Depuis septembre 2009 et la visite de Gates à Tokyo, le Pentagone exerce un maximum de pression sur le Japon, allant jusqu’à des “menaces” de retrait de certaines unités aériennes du Japon. Très curieusement, les experts du Pentagone ne semblent pas songer que de telles “menaces” pourraient faire le jeu de l’aile extrême de la coalition au pouvoir et conduire le Premier ministre Hatoyama à lui-même durcir sa position en prenant acte de ce retrait et en considérant qu’il introduit des conditions devant mener à une révision, à l’avantage du Japon, des relations contractuelles entre le Japon et les USA dans le domaine militaire. Qu’importe, la bureaucratie du Pentagone est complètement figée dans son refus de la moindre concession, elle considère que la seule façon de traiter le Japon actuellement est celle de la pression et de la menace. Les seuls milieux militaires US à s’inquiéter sont ceux du commandement du Pacifique, notamment l’U.S. Navy, qui craint qu’à ce jeu la marine risque de voir mettre en péril des points d’appui essentiels pour elle au Japon. Mais ces milieux ont peu de poids par rapport à la bureaucratie de Washington qui estime que rien de sérieux n’existe ni ne peut se concevoir hors des cinq immenses façades du Pentagone.

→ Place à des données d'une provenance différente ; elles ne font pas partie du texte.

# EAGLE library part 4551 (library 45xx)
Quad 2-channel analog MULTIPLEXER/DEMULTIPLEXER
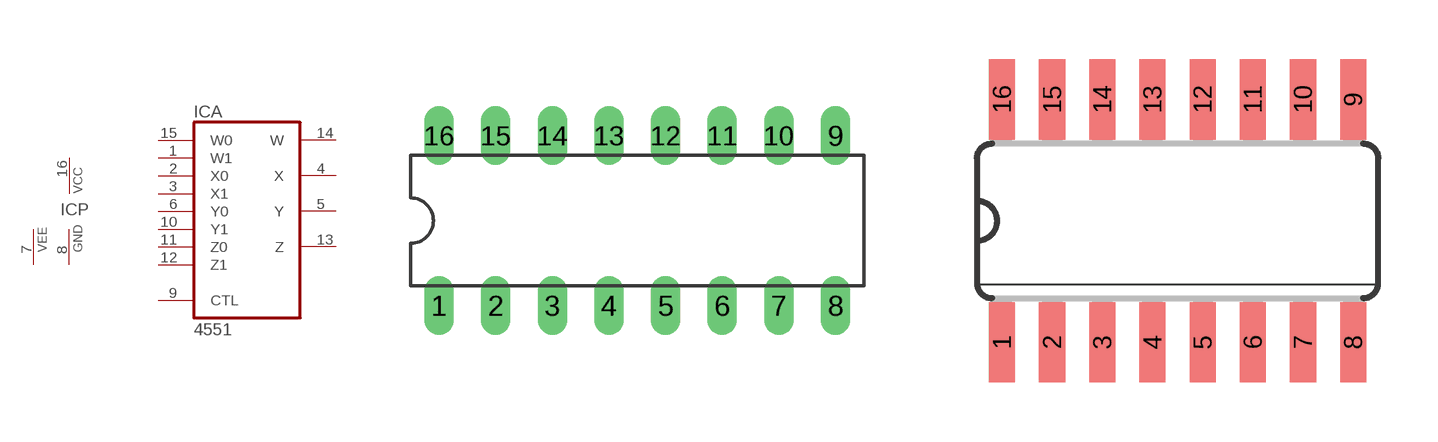
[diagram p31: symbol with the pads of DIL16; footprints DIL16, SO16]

Designator prefix IC; gates A=4551 P=PWR+VEE

## 4551N  [DIL16]
1  A:W1
2  A:X0
3  A:X1
4  A:X
5  A:Y
6  A:Y0
7  P:VEE  pwr
8  P:GND  pwr
9  A:CTL  in
10  A:Y1
11  A:Z0
12  A:Z1
13  A:Z
14  A:W
15  A:W0
16  P:VCC  pwr

## 4551D  [SO16]
Pads as for DIL16

## Footprint DIL16 (pad centres in mm)
Dual In Line Package
drill 0.813 long: 1 -8.89,-3.81; 2 -6.35,-3.81; 3 -3.81,-3.81; 4 -1.27,-3.81; 5 1.27,-3.81; 6 3.81,-3.81; 7 6.35,-3.81; 8 8.89,-3.81; 9 8.89,3.81; 10 6.35,3.81; 11 3.81,3.81; 12 1.27,3.81; 13 -1.27,3.81; 14 -3.81,3.81; 15 -6.35,3.81; 16 -8.89,3.81

## Footprint SO16 (pad centres in mm)
Small Outline package 150 mil
smd 0.66 x 2.032: 1 -4.445,-3.073; 2 -3.175,-3.073; 3 -1.905,-3.073; 4 -0.635,-3.073; 5 0.635,-3.073; 6 1.905,-3.073; 7 3.175,-3.073; 8 4.445,-3.073; 9 4.445,3.073; 10 3.175,3.073; 11 1.905,3.073; 12 0.635,3.073; 13 -0.635,3.073; 14 -1.905,3.073; 15 -3.175,3.073; 16 -4.445,3.073

Dans ces conditions, tout incline à penser que la détérioration des relations entre les USA et le Japon va se poursuivre, même si le Premier ministre Hatoyama préférerait éviter une telle évolution. La politique de la bureaucratie du Pentagone reste rigidement tournée vers une seule formule: le durcissement continuel, sans aucune concessions, sans aucun aménagement, selon la conception que le Japon est un espace qui “appartient” à l’espace administré par le Pentagone. L’idée même d’une souveraineté nationale japonaise est complètement étrangère au Pentagone, dans le sens de strictement “impensable”. Pour l’instant, rien ne montre que l’administration Obama ne songe à dégager les relations avec le Japon de ce cadre rigide des conceptions du Pentagone. Il est possible qu'une détérioration brutalement plus visible des relations entre les deux pays finisse par provoquer une réaction dans ce sens à Washington, mais on assisterait alors à une bataille interne très violente; en effet, l'action de la bureaucratie du Pentagone n'ayant jusqu'ici, depuis l'arrivée d'Hatomaya, suscité aucune réserve ferme et circonstanciée de la part d'un autre département ou du président lui-même, cette bureaucratie estime de plus en plus légitime sa prépondérance dans ce domaine.